Dio terdiam sejenak, merasa tak berdaya. “Alika, aku minta maaf. Aku tahu ini salah, dan aku bersedia melakukan apapun untuk memperbaikinya. Aku tidak ingin kehilanganmu.”
Mendengar kata-kata itu, Alika merasa kebingungannya semakin dalam. Di satu sisi, ia merasa rindu dengan masa-masa indah bersama Dio. Namun di sisi lain, dendam yang tumbuh dalam dirinya terlalu besar untuk dibiarkan pergi. Cinta yang dulu ia rasakan kini telah digantikan dengan kebencian, dan meskipun ia masih mencintai Dio, perasaan itu telah dipenuhi oleh rasa sakit yang begitu dalam.
“Aku rasa kita sudah cukup, Dio,” kata Alika dengan suara yang penuh kekosongan. “Kita tidak bisa kembali.

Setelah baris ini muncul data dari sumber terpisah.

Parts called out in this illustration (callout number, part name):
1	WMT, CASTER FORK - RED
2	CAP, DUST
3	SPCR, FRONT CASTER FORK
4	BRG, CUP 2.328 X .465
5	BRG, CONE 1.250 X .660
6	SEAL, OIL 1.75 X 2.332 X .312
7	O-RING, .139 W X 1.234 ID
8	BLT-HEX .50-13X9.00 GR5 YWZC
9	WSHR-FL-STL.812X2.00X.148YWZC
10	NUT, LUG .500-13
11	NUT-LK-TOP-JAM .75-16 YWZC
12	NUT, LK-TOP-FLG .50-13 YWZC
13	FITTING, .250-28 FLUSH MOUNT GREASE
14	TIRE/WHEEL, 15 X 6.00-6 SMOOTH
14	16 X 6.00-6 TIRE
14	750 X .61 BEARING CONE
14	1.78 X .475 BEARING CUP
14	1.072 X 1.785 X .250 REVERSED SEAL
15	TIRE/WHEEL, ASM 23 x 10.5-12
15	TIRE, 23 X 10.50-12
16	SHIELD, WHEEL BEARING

Kita sudah selesai. Aku sudah terlalu terluka.”
Dengan itu, Alika memutuskan telepon itu tanpa ada kata-kata lagi. Ia merasa lega, tetapi juga kosong. Dendamnya belum sepenuhnya terbalas, dan walaupun hatinya masih rapuh, ia tahu bahwa ia telah mengambil keputusan yang benar. Namun, ketegangan yang tercipta dari keputusan itu tidak hanya berhenti pada dirinya. Ketegangan itu juga mulai menyebar ke dalam hidup Dio dan Rena, mengubah segalanya.
Pada malam yang sama, Alika menerima pesan dari Rena. Seseorang yang selama ini ia anggap hanya sebagai teman biasa. Pesan itu cukup singkat, tetapi cukup untuk membuat jantung Alika berdegup lebih kencang.

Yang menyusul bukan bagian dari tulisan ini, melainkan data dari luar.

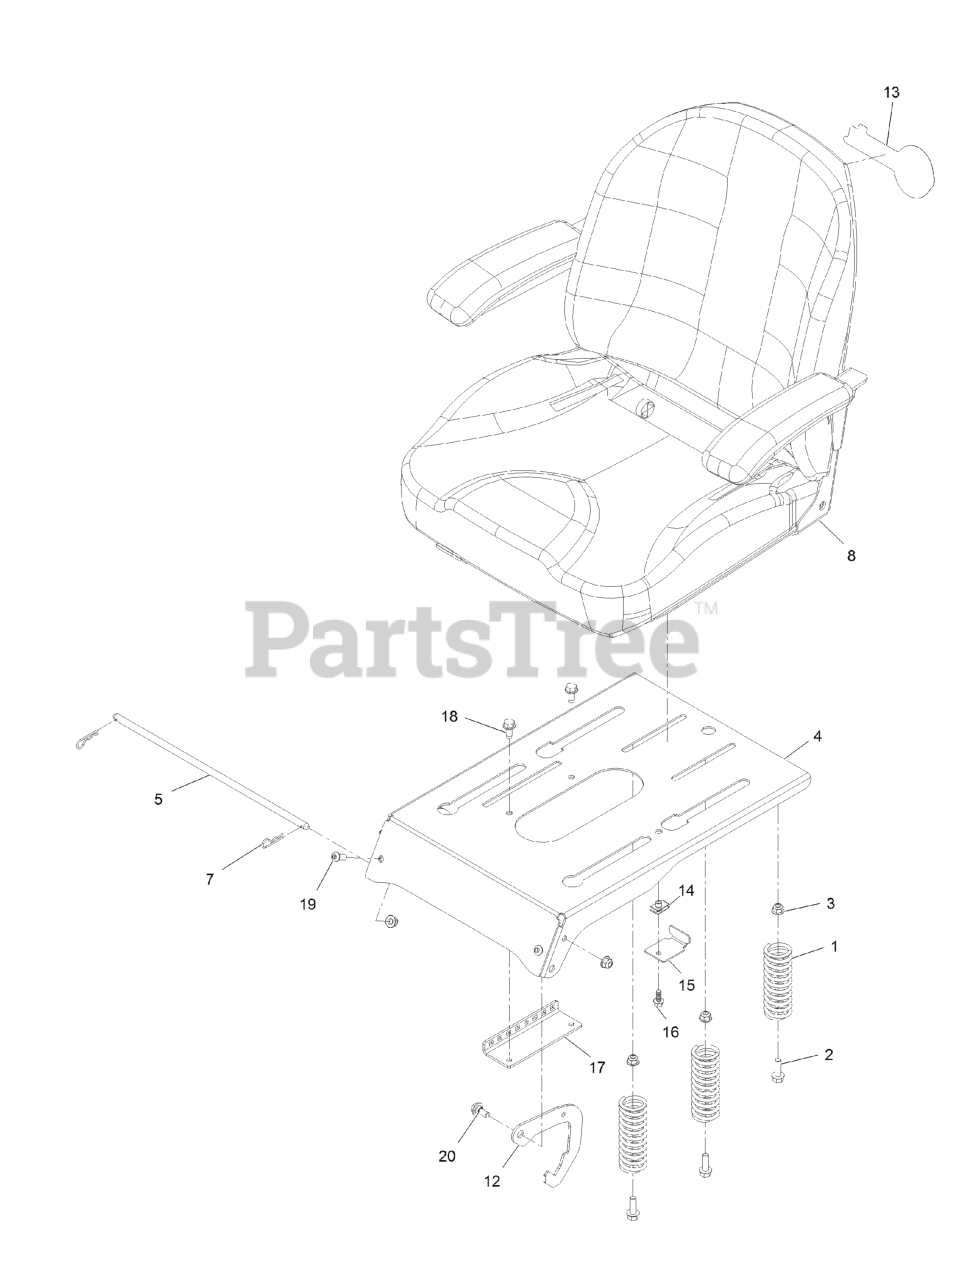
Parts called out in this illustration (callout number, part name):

“Alika, aku tahu kamu pasti kecewa dan marah. Aku ingin minta maaf atas apa yang terjadi. Aku tidak bermaksud melukaimu. Bisa kita bicarakan ini?”
Melihat pesan itu, Alika merasakan sebuah kekuatan yang membara. Rena, wanita yang telah merebut Dio darinya, kini berani menghubunginya. Tidak ada lagi rasa kasihan dalam dirinya, hanya keinginan untuk melihat keduanya merasakan apa yang ia rasakan. Rencana balas dendamnya mulai matang. Rena harus merasakan bagaimana rasanya dihancurkan oleh perasaan yang sama seperti yang ia alami.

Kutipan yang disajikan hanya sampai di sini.